Mike: Are you a reader? What, if any, books would you recommend to other entrepreneurs looking to build their business or improve their success?
Neil: As an entrepreneur, I think the biggest barrier to most people’s success is always mental. It took me years of mental conditioning to work up the confidence to commit to working for myself for the remainder of my life. Once I started working for myself, there was even more mental conflict around how I can justify doing it into the future. The commitment that a business requires (emotional level, physical level, and the financial level) should not be overlooked and you need to be willing to risk every part of your being to make it happen. I found that the number one reason I was able to make it happen was that I got the idea, started working, and didn’t stop working until I got to a more comfortable place. There is so much time in the day if you really stop to think … if you are starting a business and you truly love what you do and spend every waking minute on it, you will have some form of success.
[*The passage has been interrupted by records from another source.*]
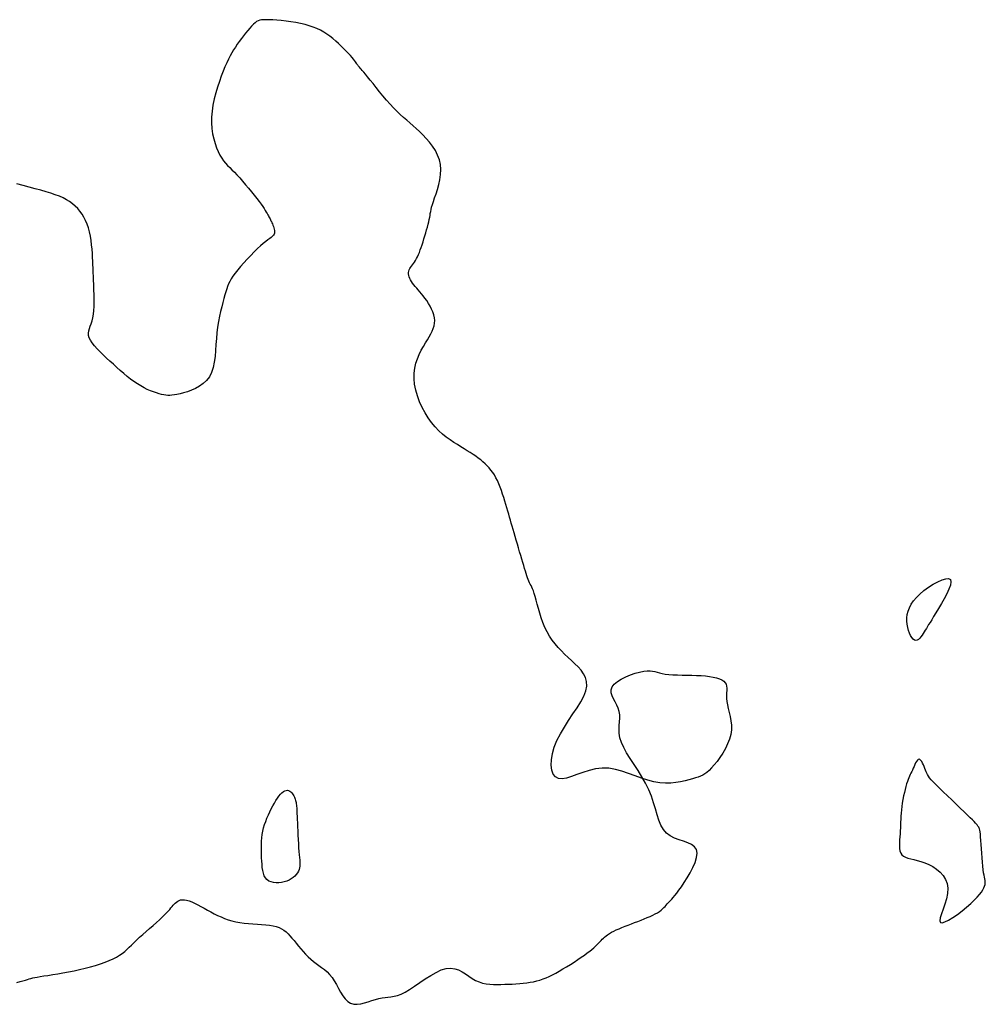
# Model space of a CAD drawing. Header units: millimetres. Extents: x 32690613 to 32693367, y 5343692 to 5344708.
# Tile 73 of 256: x 32692365 to 32692383, y 5343723 to 5343741. Entities that reach past the tile are written whole.
import ezdxf

# ---------------------------------------------------------------- set-up
doc = ezdxf.new("R2010")
doc.units = ezdxf.units.MM
doc.header["$LTSCALE"] = 20
doc.layers.add('02-DGM_HL_494.00', color=122, linetype='Continuous')

msp = doc.modelspace()

# ---------------------------------------------------------------- linework, layer by layer
at = {"layer": '02-DGM_HL_494.00', "elevation": 494, "flags": 128}
msp.add_lwpolyline([(32692364.62, 5343723.194), (32692364.681, 5343723.213), (32692364.734, 5343723.229), (32692364.779, 5343723.243), (32692364.817, 5343723.254), (32692364.851, 5343723.264), (32692364.884, 5343723.273), (32692364.919, 5343723.282), (32692364.958, 5343723.29), (32692365.004, 5343723.299), (32692365.06, 5343723.309), (32692365.128, 5343723.32), (32692365.207, 5343723.332), (32692365.296, 5343723.346), (32692365.391, 5343723.361), (32692365.491, 5343723.379), (32692365.595, 5343723.398), (32692365.701, 5343723.418), (32692365.806, 5343723.441), (32692365.91, 5343723.466), (32692366.01, 5343723.492), (32692366.107, 5343723.52), (32692366.199, 5343723.55), (32692366.286, 5343723.58), (32692366.366, 5343723.612), (32692366.439, 5343723.645), (32692366.505, 5343723.678), (32692366.562, 5343723.712), (32692366.612, 5343723.747), (32692366.658, 5343723.783), (32692366.701, 5343723.821), (32692366.742, 5343723.862), (32692366.785, 5343723.904), (32692366.831, 5343723.95), (32692366.881, 5343723.999), (32692366.938, 5343724.051), (32692367, 5343724.106), (32692367.064, 5343724.163), (32692367.13, 5343724.22), (32692367.196, 5343724.276), (32692367.258, 5343724.331), (32692367.317, 5343724.383), (32692367.369, 5343724.431), (32692367.413, 5343724.474), (32692367.45, 5343724.513), (32692367.482, 5343724.548), (32692367.509, 5343724.579), (32692367.532, 5343724.607), (32692367.553, 5343724.633), (32692367.573, 5343724.657), (32692367.592, 5343724.679), (32692367.613, 5343724.7), (32692367.635, 5343724.719), (32692367.66, 5343724.736), (32692367.686, 5343724.749), (32692367.716, 5343724.759), (32692367.749, 5343724.763), (32692367.787, 5343724.762), (32692367.829, 5343724.755), (32692367.875, 5343724.741), (32692367.926, 5343724.72), (32692367.981, 5343724.695), (32692368.038, 5343724.666), (32692368.099, 5343724.634), (32692368.161, 5343724.6), (32692368.224, 5343724.565), (32692368.288, 5343724.531), (32692368.352, 5343724.498), (32692368.416, 5343724.466), (32692368.481, 5343724.436), (32692368.548, 5343724.409), (32692368.616, 5343724.384), (32692368.687, 5343724.363), (32692368.761, 5343724.345), (32692368.838, 5343724.33), (32692368.918, 5343724.319), (32692369.001, 5343724.312), (32692369.084, 5343724.306), (32692369.167, 5343724.301), (32692369.248, 5343724.296), (32692369.326, 5343724.29), (32692369.399, 5343724.282), (32692369.465, 5343724.271), (32692369.525, 5343724.256), (32692369.578, 5343724.236), (32692369.625, 5343724.213), (32692369.669, 5343724.185), (32692369.709, 5343724.154), (32692369.747, 5343724.118), (32692369.784, 5343724.078), (32692369.822, 5343724.035), (32692369.861, 5343723.988), (32692369.902, 5343723.938), (32692369.943, 5343723.886), (32692369.987, 5343723.833), (32692370.032, 5343723.781), (32692370.078, 5343723.73), (32692370.126, 5343723.682), (32692370.176, 5343723.636), (32692370.227, 5343723.595), (32692370.279, 5343723.557), (32692370.331, 5343723.519), (32692370.383, 5343723.481), (32692370.435, 5343723.441), (32692370.485, 5343723.397), (32692370.533, 5343723.347), (32692370.579, 5343723.291), (32692370.621, 5343723.226), (32692370.662, 5343723.156), (32692370.702, 5343723.083), (32692370.742, 5343723.012), (32692370.784, 5343722.945), (32692370.829, 5343722.886), (32692370.878, 5343722.838), (32692370.931, 5343722.804), (32692370.991, 5343722.787), (32692371.055, 5343722.784), (32692371.123, 5343722.792), (32692371.193, 5343722.809), (32692371.263, 5343722.831), (32692371.333, 5343722.855), (32692371.401, 5343722.877), (32692371.465, 5343722.895), (32692371.525, 5343722.907), (32692371.582, 5343722.914), (32692371.637, 5343722.919), (32692371.693, 5343722.925), (32692371.752, 5343722.935), (32692371.815, 5343722.951), (32692371.884, 5343722.977), (32692371.961, 5343723.015), (32692372.047, 5343723.066), (32692372.141, 5343723.128), (32692372.24, 5343723.196), (32692372.342, 5343723.265), (32692372.445, 5343723.331), (32692372.547, 5343723.388), (32692372.645, 5343723.433), (32692372.738, 5343723.461), (32692372.822, 5343723.469), (32692372.9, 5343723.458), (32692372.973, 5343723.434), (32692373.041, 5343723.399), (32692373.106, 5343723.358), (32692373.169, 5343723.315), (32692373.231, 5343723.272), (32692373.294, 5343723.235), (32692373.359, 5343723.206), (32692373.426, 5343723.185), (32692373.493, 5343723.171), (32692373.562, 5343723.162), (32692373.632, 5343723.158), (32692373.703, 5343723.157), (32692373.774, 5343723.159), (32692373.845, 5343723.162), (32692373.917, 5343723.164), (32692373.988, 5343723.168), (32692374.058, 5343723.171), (32692374.128, 5343723.176), (32692374.196, 5343723.182), (32692374.263, 5343723.19), (32692374.328, 5343723.2), (32692374.391, 5343723.211), (32692374.452, 5343723.226), (32692374.512, 5343723.243), (32692374.57, 5343723.263), (32692374.629, 5343723.286), (32692374.688, 5343723.312), (32692374.748, 5343723.342), (32692374.811, 5343723.375), (32692374.876, 5343723.411), (32692374.945, 5343723.452), (32692375.015, 5343723.494), (32692375.087, 5343723.539), (32692375.158, 5343723.584), (32692375.227, 5343723.63), (32692375.292, 5343723.674), (32692375.352, 5343723.716), (32692375.407, 5343723.755), (32692375.454, 5343723.791), (32692375.494, 5343723.823), (32692375.528, 5343723.852), (32692375.558, 5343723.879), (32692375.584, 5343723.904), (32692375.607, 5343723.927), (32692375.628, 5343723.949), (32692375.648, 5343723.971), (32692375.669, 5343723.992), (32692375.689, 5343724.014), (32692375.711, 5343724.036), (32692375.735, 5343724.057), (32692375.762, 5343724.079), (32692375.792, 5343724.101), (32692375.826, 5343724.123), (32692375.864, 5343724.146), (32692375.907, 5343724.168), (32692375.955, 5343724.191), (32692376.007, 5343724.214), (32692376.062, 5343724.237), (32692376.12, 5343724.26), (32692376.179, 5343724.283), (32692376.24, 5343724.306), (32692376.302, 5343724.33), (32692376.363, 5343724.353), (32692376.424, 5343724.376), (32692376.483, 5343724.4), (32692376.541, 5343724.423), (32692376.595, 5343724.446), (32692376.646, 5343724.47), (32692376.693, 5343724.494), (32692376.735, 5343724.517), (32692376.772, 5343724.541), (32692376.804, 5343724.565), (32692376.831, 5343724.589), (32692376.856, 5343724.613), (32692376.878, 5343724.636), (32692376.899, 5343724.66), (32692376.919, 5343724.682), (32692376.938, 5343724.704), (32692376.959, 5343724.726), (32692376.981, 5343724.748), (32692377.005, 5343724.774), (32692377.033, 5343724.804), (32692377.064, 5343724.841), (32692377.1, 5343724.886), (32692377.141, 5343724.941), (32692377.189, 5343725.008), (32692377.242, 5343725.087), (32692377.298, 5343725.177), (32692377.354, 5343725.273), (32692377.404, 5343725.371), (32692377.444, 5343725.467), (32692377.472, 5343725.558), (32692377.482, 5343725.64), (32692377.471, 5343725.71), (32692377.436, 5343725.764), (32692377.38, 5343725.805), (32692377.309, 5343725.838), (32692377.228, 5343725.867), (32692377.142, 5343725.896), (32692377.056, 5343725.928), (32692376.974, 5343725.969), (32692376.903, 5343726.021), (32692376.845, 5343726.089), (32692376.798, 5343726.171), (32692376.76, 5343726.265), (32692376.727, 5343726.369), (32692376.694, 5343726.48), (32692376.66, 5343726.598), (32692376.62, 5343726.719), (32692376.57, 5343726.842), (32692376.51, 5343726.965), (32692376.441, 5343727.086), (32692376.367, 5343727.205), (32692376.291, 5343727.321), (32692376.218, 5343727.433), (32692376.151, 5343727.541), (32692376.095, 5343727.643), (32692376.052, 5343727.739), (32692376.025, 5343727.828), (32692376.012, 5343727.911), (32692376.009, 5343727.988), (32692376.012, 5343728.061), (32692376.018, 5343728.13), (32692376.022, 5343728.195), (32692376.022, 5343728.259), (32692376.012, 5343728.321), (32692375.992, 5343728.383), (32692375.963, 5343728.444), (32692375.931, 5343728.504), (32692375.901, 5343728.564), (32692375.875, 5343728.622), (32692375.86, 5343728.679), (32692375.859, 5343728.735), (32692375.877, 5343728.789), (32692375.917, 5343728.841), (32692375.977, 5343728.891), (32692376.05, 5343728.937), (32692376.133, 5343728.979), (32692376.222, 5343729.016), (32692376.311, 5343729.046), (32692376.396, 5343729.07), (32692376.473, 5343729.086), (32692376.538, 5343729.094), (32692376.593, 5343729.094), (32692376.641, 5343729.089), (32692376.685, 5343729.079), (32692376.728, 5343729.067), (32692376.773, 5343729.054), (32692376.823, 5343729.041), (32692376.88, 5343729.031), (32692376.949, 5343729.023), (32692377.026, 5343729.017), (32692377.11, 5343729.014), (32692377.198, 5343729.012), (32692377.29, 5343729.011), (32692377.382, 5343729.009), (32692377.473, 5343729.006), (32692377.561, 5343729.001), (32692377.643, 5343728.995), (32692377.719, 5343728.985), (32692377.789, 5343728.973), (32692377.851, 5343728.958), (32692377.905, 5343728.94), (32692377.951, 5343728.92), (32692377.988, 5343728.896), (32692378.015, 5343728.868), (32692378.032, 5343728.838), (32692378.041, 5343728.803), (32692378.044, 5343728.765), (32692378.043, 5343728.723), (32692378.041, 5343728.677), (32692378.039, 5343728.627), (32692378.04, 5343728.572), (32692378.045, 5343728.512), (32692378.057, 5343728.447), (32692378.073, 5343728.378), (32692378.091, 5343728.305), (32692378.108, 5343728.228), (32692378.123, 5343728.147), (32692378.131, 5343728.064), (32692378.131, 5343727.978), (32692378.12, 5343727.89), (32692378.096, 5343727.8), (32692378.061, 5343727.709), (32692378.018, 5343727.621), (32692377.968, 5343727.535), (32692377.915, 5343727.454), (32692377.86, 5343727.379), (32692377.806, 5343727.313), (32692377.755, 5343727.255), (32692377.71, 5343727.209), (32692377.668, 5343727.172), (32692377.629, 5343727.142), (32692377.59, 5343727.119), (32692377.549, 5343727.099), (32692377.504, 5343727.083), (32692377.454, 5343727.067), (32692377.396, 5343727.05), (32692377.33, 5343727.03), (32692377.255, 5343727.011), (32692377.172, 5343726.992), (32692377.082, 5343726.977), (32692376.986, 5343726.967), (32692376.884, 5343726.965), (32692376.776, 5343726.972), (32692376.665, 5343726.99), (32692376.549, 5343727.021), (32692376.431, 5343727.061), (32692376.31, 5343727.106), (32692376.187, 5343727.151), (32692376.063, 5343727.193), (32692375.938, 5343727.226), (32692375.812, 5343727.248), (32692375.687, 5343727.252), (32692375.563, 5343727.238), (32692375.441, 5343727.209), (32692375.324, 5343727.171), (32692375.212, 5343727.13), (32692375.109, 5343727.091), (32692375.014, 5343727.062), (32692374.931, 5343727.047), (32692374.861, 5343727.053), (32692374.805, 5343727.084), (32692374.764, 5343727.139), (32692374.737, 5343727.214), (32692374.726, 5343727.305), (32692374.73, 5343727.41), (32692374.749, 5343727.526), (32692374.783, 5343727.649), (32692374.833, 5343727.775), (32692374.897, 5343727.902), (32692374.973, 5343728.029), (32692375.054, 5343728.155), (32692375.136, 5343728.277), (32692375.215, 5343728.395), (32692375.285, 5343728.508), (32692375.341, 5343728.615), (32692375.38, 5343728.714), (32692375.396, 5343728.804), (32692375.393, 5343728.888), (32692375.371, 5343728.964), (32692375.336, 5343729.035), (32692375.289, 5343729.102), (32692375.233, 5343729.165), (32692375.172, 5343729.227), (32692375.107, 5343729.287), (32692375.042, 5343729.347), (32692374.978, 5343729.408), (32692374.916, 5343729.47), (32692374.855, 5343729.535), (32692374.797, 5343729.602), (32692374.742, 5343729.673), (32692374.691, 5343729.748), (32692374.645, 5343729.829), (32692374.604, 5343729.915), (32692374.568, 5343730.004), (32692374.536, 5343730.095), (32692374.508, 5343730.185), (32692374.484, 5343730.273), (32692374.461, 5343730.356), (32692374.441, 5343730.432), (32692374.422, 5343730.499), (32692374.405, 5343730.556), (32692374.388, 5343730.603), (32692374.372, 5343730.643), (32692374.357, 5343730.676), (32692374.343, 5343730.706), (32692374.329, 5343730.733), (32692374.315, 5343730.76), (32692374.302, 5343730.788), (32692374.289, 5343730.819), (32692374.276, 5343730.853), (32692374.263, 5343730.891), (32692374.249, 5343730.932), (32692374.235, 5343730.978), (32692374.22, 5343731.028), (32692374.204, 5343731.082), (32692374.187, 5343731.141), (32692374.168, 5343731.205), (32692374.148, 5343731.274), (32692374.127, 5343731.345), (32692374.106, 5343731.417), (32692374.085, 5343731.491), (32692374.064, 5343731.563), (32692374.043, 5343731.634), (32692374.023, 5343731.702), (32692374.004, 5343731.766), (32692373.987, 5343731.827), (32692373.97, 5343731.885), (32692373.953, 5343731.942), (32692373.936, 5343731.999), (32692373.92, 5343732.056), (32692373.903, 5343732.114), (32692373.885, 5343732.175), (32692373.867, 5343732.238), (32692373.847, 5343732.303), (32692373.827, 5343732.37), (32692373.805, 5343732.437), (32692373.782, 5343732.504), (32692373.758, 5343732.568), (32692373.733, 5343732.631), (32692373.707, 5343732.69), (32692373.679, 5343732.746), (32692373.649, 5343732.797), (32692373.618, 5343732.845), (32692373.585, 5343732.89), (32692373.55, 5343732.932), (32692373.514, 5343732.972), (32692373.475, 5343733.01), (32692373.434, 5343733.047), (32692373.391, 5343733.082), (32692373.345, 5343733.117), (32692373.297, 5343733.151), (32692373.246, 5343733.185), (32692373.193, 5343733.22), (32692373.136, 5343733.255), (32692373.077, 5343733.292), (32692373.014, 5343733.33), (32692372.949, 5343733.371), (32692372.881, 5343733.414), (32692372.811, 5343733.461), (32692372.74, 5343733.513), (32692372.669, 5343733.571), (32692372.599, 5343733.635), (32692372.53, 5343733.707), (32692372.463, 5343733.787), (32692372.399, 5343733.877), (32692372.338, 5343733.974), (32692372.283, 5343734.077), (32692372.235, 5343734.184), (32692372.194, 5343734.294), (32692372.162, 5343734.404), (32692372.14, 5343734.513), (32692372.13, 5343734.619), (32692372.132, 5343734.721), (32692372.145, 5343734.818), (32692372.167, 5343734.91), (32692372.196, 5343734.997), (32692372.23, 5343735.079), (32692372.267, 5343735.156), (32692372.307, 5343735.228), (32692372.346, 5343735.295), (32692372.382, 5343735.356), (32692372.417, 5343735.413), (32692372.447, 5343735.467), (32692372.473, 5343735.519), (32692372.495, 5343735.569), (32692372.51, 5343735.618), (32692372.519, 5343735.668), (32692372.521, 5343735.719), (32692372.515, 5343735.772), (32692372.502, 5343735.826), (32692372.484, 5343735.882), (32692372.46, 5343735.937), (32692372.433, 5343735.991), (32692372.402, 5343736.044), (32692372.37, 5343736.095), (32692372.337, 5343736.142), (32692372.304, 5343736.186), (32692372.272, 5343736.226), (32692372.24, 5343736.264), (32692372.21, 5343736.299), (32692372.18, 5343736.332), (32692372.153, 5343736.364), (32692372.127, 5343736.395), (32692372.104, 5343736.425), (32692372.083, 5343736.455), (32692372.065, 5343736.486), (32692372.051, 5343736.516), (32692372.039, 5343736.545), (32692372.031, 5343736.574), (32692372.026, 5343736.602), (32692372.026, 5343736.629), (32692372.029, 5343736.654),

You just need to be in the right mindset of being willing to give up your mental safety net.
I am mostly a pragmatic reader who only reads books for self-betterment rather than entertainment or pleasure. There have been a few books that have helped me to gain the confidence that I needed to overcome the mental block of committing to an entrepreneurial life. Of these, I have found the most helpful to be the ones that have nothing at all to do with business or anything too self-help oriented. In this, my favorite book I have read recently has been ‘How to Change your Mind’ by Michael Pollan. If anyone reading this has ever read his other book ‘Omnivore’s Dilemma’, it is very different conceptually despite having the same well-thought-out structure. Although this particular book goes pretty deep into how the use of psychedelics can enable someone to cure themselves of mental issues such as addiction, depression, and anxiety … the part of the book that I find to be most contemplative/helpful is around the ideas of the way the brain works with the Default Mode Network (the location of the ego in the brain) and how through this part of our brain turning off, our body processes fear in a way that gives us courage to do the true things we want to do. In this, I see this book giving an idea of how through the quelling of the fear response, we are able to get courage to overcome all of the challenges of our life and to live entrepreneurially. The book shows psychedelics as the ‘easy’ way to achieve this state (with proper guidance and preparation) but Pollan smartly notes that through much practice in daily meditation the brain is able to get into the same conceptual state of ego dissolution. Overall, my main takeaway from the book was that once you understand how to take your ego out of the picture of your decision making, you can take control of your life and do what you truly want to do (without regard to any perceived mental ailments). That last bit might sound cliché but committing to entrepreneurship is often a mental battle and ‘How to Change Your Mind’ can provide some perspective on how to overcome it (at least it did for me).